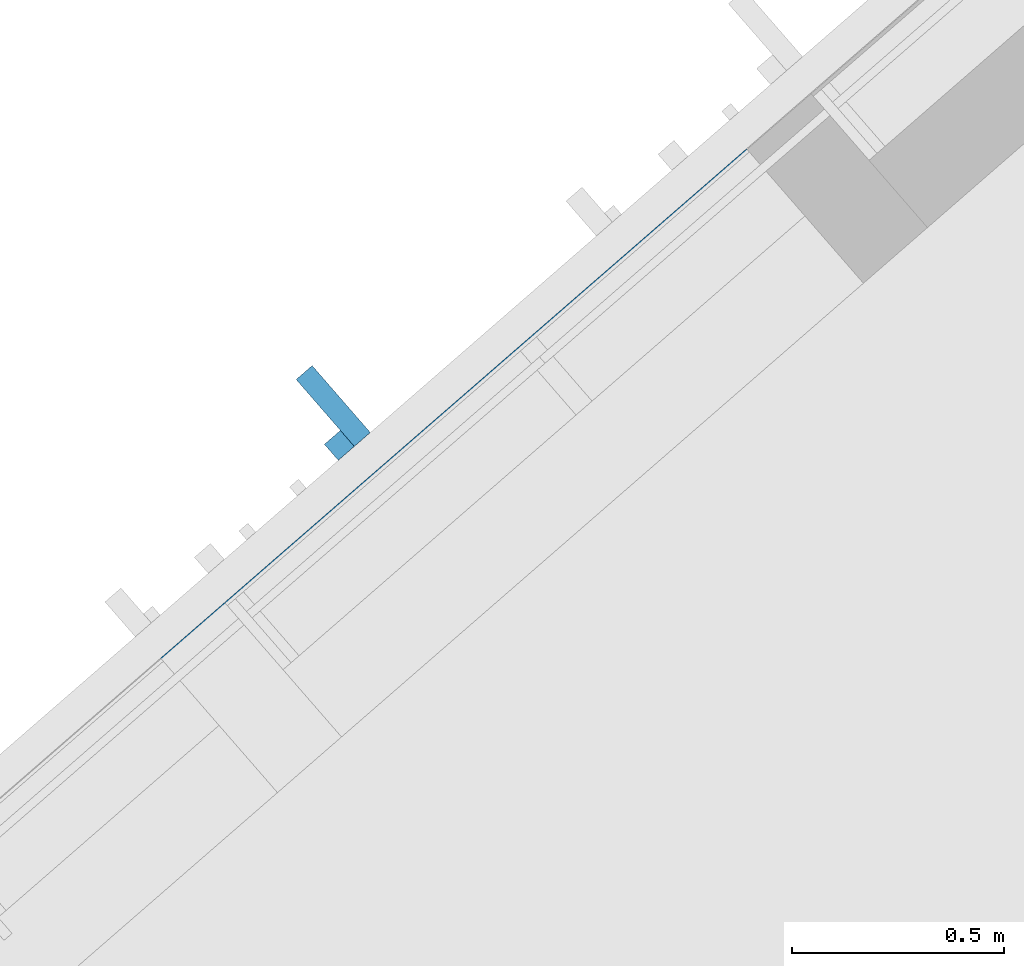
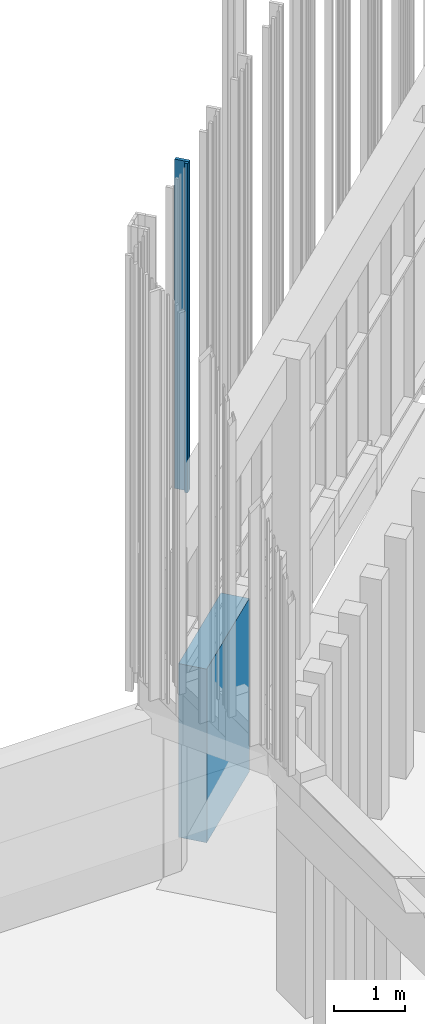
# One storey, part 134 of 390: 3 walls.
"""IFC2X3 building model written with IfcOpenShell, lengths in millimetres."""

from ifc_helpers import new_model, entity, si_unit, converted_unit, derived_unit, money_unit, direction, frame, origin_with_axes, place, context, subcontext, project, spatial, faceted_brep, material, material_list, type_object, element, save


model = new_model("IFC2X3")

# Units and contexts
model_context = context("Model", 3, precision=1e-05, world=origin_with_axes(), true_north=direction((0.0, 1.0)))
body_context = subcontext(model_context, "Body", "Model", "MODEL_VIEW")
ifc_project = project(units=[si_unit("LENGTHUNIT", "METRE", prefix="MILLI"), si_unit("AREAUNIT", "SQUARE_METRE"), si_unit("VOLUMEUNIT", "CUBIC_METRE"), converted_unit("PLANEANGLEUNIT", "DEGREE", entity("IfcPlaneAngleMeasure", 0.0174532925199), si_unit("PLANEANGLEUNIT", "RADIAN"), dimensions=[0, 0, 0, 0, 0, 0, 0]), si_unit("SOLIDANGLEUNIT", "STERADIAN"), money_unit("EUR"), converted_unit("TIMEUNIT", "Year", entity("IfcTimeMeasure", 31556926.0), si_unit("TIMEUNIT", "SECOND"), dimensions=[0, 0, 1, 0, 0, 0, 0]), si_unit("MASSUNIT", "GRAM", prefix="KILO"), si_unit("THERMODYNAMICTEMPERATUREUNIT", "DEGREE_CELSIUS"), si_unit("LUMINOUSINTENSITYUNIT", "LUMEN"), si_unit("ENERGYUNIT", "JOULE", prefix="MEGA"), derived_unit("THERMALCONDUCTANCEUNIT", [(si_unit("POWERUNIT", "WATT"), 1), (si_unit("LENGTHUNIT", "METRE"), -1), (si_unit("THERMODYNAMICTEMPERATUREUNIT", "KELVIN"), -1)]), derived_unit("SPECIFICHEATCAPACITYUNIT", [(si_unit("ENERGYUNIT", "JOULE"), 1), (si_unit("MASSUNIT", "GRAM", prefix="KILO"), -1), (si_unit("THERMODYNAMICTEMPERATUREUNIT", "KELVIN"), -1)]), derived_unit("MASSDENSITYUNIT", [(si_unit("MASSUNIT", "GRAM", prefix="KILO"), 1), (si_unit("VOLUMEUNIT", "CUBIC_METRE"), -1)])], contexts=[model_context])

# Site, building, storey
site_placement = place(None, origin_with_axes())
site = spatial("IfcSite", under=ifc_project, at=site_placement, Name="Site", CompositionType="ELEMENT")
building_placement = place(site_placement, origin_with_axes())
building = spatial("IfcBuilding", under=site, at=building_placement, Name="Building", CompositionType="ELEMENT")
storey_placement = place(building_placement, origin_with_axes())
storey = spatial("IfcBuildingStorey", under=building, at=storey_placement, Name="1 korrus", CompositionType="ELEMENT", Elevation=0.0)

# Walls
ifc_material_1 = material(Name="Krohv - Lubjakivi")
ifc_material_2 = material(Name="Raudbetoon - Konstruktsioon")
ifc_material_3 = material(Name="Soojustus - Plastik Kõva")
ifc_material_4 = material(Name="Membraan - Veekindel")
ifc_material_list = material_list([ifc_material_1, ifc_material_2, ifc_material_3, ifc_material_3, ifc_material_4, ifc_material_4])
wall_type_1 = type_object("IfcWallType", Name="VS-03", PredefinedType="NOTDEFINED")
wall_1_placement = place(storey_placement, frame((125468.871648, 78413.1851766, -1220.0), z_axis=(0.0, 0.0, 1.0), x_axis=(-0.754709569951, -0.656059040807, 0.0)))
element("IfcWall", 1, at=wall_1_placement, inside=storey, type_object=wall_type_1, material=ifc_material_list, Name="VS-03", context=body_context, shape_type="Brep", body=[
    faceted_brep([(1829.99999353, -10.0, 2970.0), (1829.99999353, 0.0, 2970.0), (0.0, 0.0, 2970.0), (0.0, -9.99999999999, 2970.0), (1829.99999353, -10.0, 0.0), (1829.99999353, 0.0, 0.0), (0.0, 0.0, 0.0), (0.0, -9.99999999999, 0.0)], [[[0, 1, 2, 3]], [[0, 4, 5, 1]], [[1, 5, 6, 2]], [[3, 2, 6, 7]], [[4, 0, 3, 7]], [[5, 4, 7, 6]]]),
    faceted_brep([(1829.99999353, -210.0, 2970.0), (1829.99999353, -10.0, 2970.0), (0.0, -9.99999999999, 2970.0), (0.0, -210.0, 2970.0), (1829.99999353, -210.0, 0.0), (1829.99999353, -10.0, 0.0), (0.0, -9.99999999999, 0.0), (0.0, -210.0, 0.0)], [[[0, 1, 2, 3]], [[0, 4, 5, 1]], [[1, 5, 6, 2]], [[3, 2, 6, 7]], [[4, 0, 3, 7]], [[5, 4, 7, 6]]]),
    faceted_brep([(1829.99999353, -360.0, 2970.0), (1829.99999353, -210.0, 2970.0), (0.0, -210.0, 2970.0), (0.0, -360.0, 2970.0), (1829.99999353, -360.0, 0.0), (1829.99999353, -210.0, 0.0), (0.0, -210.0, 0.0), (0.0, -360.0, 0.0)], [[[0, 1, 2, 3]], [[0, 4, 5, 1]], [[1, 5, 6, 2]], [[3, 2, 6, 7]], [[4, 0, 3, 7]], [[5, 4, 7, 6]]]),
    faceted_brep([(1829.99999353, -410.0, 2970.0), (1829.99999353, -360.0, 2970.0), (0.0, -360.0, 2970.0), (0.0, -410.0, 2970.0), (1829.99999353, -410.0, 0.0), (1829.99999353, -360.0, 0.0), (0.0, -360.0, 0.0), (0.0, -410.0, 0.0)], [[[0, 1, 2, 3]], [[0, 4, 5, 1]], [[1, 5, 6, 2]], [[3, 2, 6, 7]], [[4, 0, 3, 7]], [[5, 4, 7, 6]]]),
    faceted_brep([(1829.99999353, -415.0, 2970.0), (1829.99999353, -410.0, 2970.0), (0.0, -410.0, 2970.0), (0.0, -415.0, 2970.0), (1829.99999353, -415.0, 0.0), (1829.99999353, -410.0, 0.0), (0.0, -410.0, 0.0), (0.0, -415.0, 0.0)], [[[0, 1, 2, 3]], [[0, 4, 5, 1]], [[1, 5, 6, 2]], [[3, 2, 6, 7]], [[4, 0, 3, 7]], [[5, 4, 7, 6]]]),
    faceted_brep([(1829.99999353, -420.0, 2970.0), (1829.99999353, -415.0, 2970.0), (0.0, -415.0, 2970.0), (0.0, -420.0, 2970.0), (1829.99999353, -420.0, 0.0), (1829.99999353, -415.0, 0.0), (0.0, -415.0, 0.0), (0.0, -420.0, 0.0)], [[[0, 1, 2, 3]], [[0, 4, 5, 1]], [[1, 5, 6, 2]], [[3, 2, 6, 7]], [[4, 0, 3, 7]], [[5, 4, 7, 6]]]),
])
ifc_material_5 = material(Name="Site specified")
wall_type_2 = type_object("IfcWallType", Name="Puitfassaadi ribistik", PredefinedType="NOTDEFINED")
wall_2_placement = place(storey_placement, frame((124233.587433, 78031.0257324, 4235.01600461), z_axis=(0.0, 0.0, 1.0), x_axis=(0.754709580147, 0.656059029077, 0.0)))
element("IfcWall", 2, at=wall_2_placement, inside=storey, type_object=wall_type_2, material=ifc_material_5, Name="Site specified", context=body_context, shape_type="Brep", body=[
    faceted_brep([(25.0, 25.0, 5629.98399539), (25.0, 25.0, 0.0), (-25.0, 25.0, 0.0), (-25.0, 25.0, 5629.98399539), (25.0, -25.0, 5629.98399539), (25.0, -25.0, 0.0), (-25.0, -25.0, 0.0), (-25.0, -25.0, 5629.98399539)], [[[0, 1, 2, 3]], [[4, 5, 1, 0]], [[2, 1, 5, 6]], [[3, 2, 6, 7]], [[4, 0, 3, 7]], [[7, 6, 5, 4]]]),
])
wall_3_placement = place(storey_placement, frame((124219.166219, 78123.8280955, 4235.01600461), z_axis=(0.0, 0.0, 1.0), x_axis=(0.754709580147, 0.656059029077, 0.0)))
element("IfcWall", 3, at=wall_3_placement, inside=storey, type_object=wall_type_2, material=ifc_material_5, Name="Site specified", context=body_context, shape_type="Brep", body=[
    faceted_brep([(25.0, 104.5, 5629.98399539), (25.0, 104.5, 0.0), (-25.0, 104.5, 0.0), (-25.0, 104.5, 5629.98399539), (25.0, -104.5, 5629.98399539), (25.0, -104.5, 0.0), (-25.0, -104.5, 0.0), (-25.0, -104.5, 5629.98399539)], [[[0, 1, 2, 3]], [[4, 5, 1, 0]], [[2, 1, 5, 6]], [[3, 2, 6, 7]], [[4, 0, 3, 7]], [[7, 6, 5, 4]]]),
])

save(model, "model.ifc")
--------
● **Task item**
Scan the material above for the word "CompositionType", and copy each line where it appears.

● **Written solution**
site = spatial("IfcSite", under=ifc_project, at=site_placement, Name="Site", CompositionType="ELEMENT")
building = spatial("IfcBuilding", under=site, at=building_placement, Name="Building", CompositionType="ELEMENT")
storey = spatial("IfcBuildingStorey", under=building, at=storey_placement, Name="1 korrus", CompositionType="ELEMENT", Elevation=0.0)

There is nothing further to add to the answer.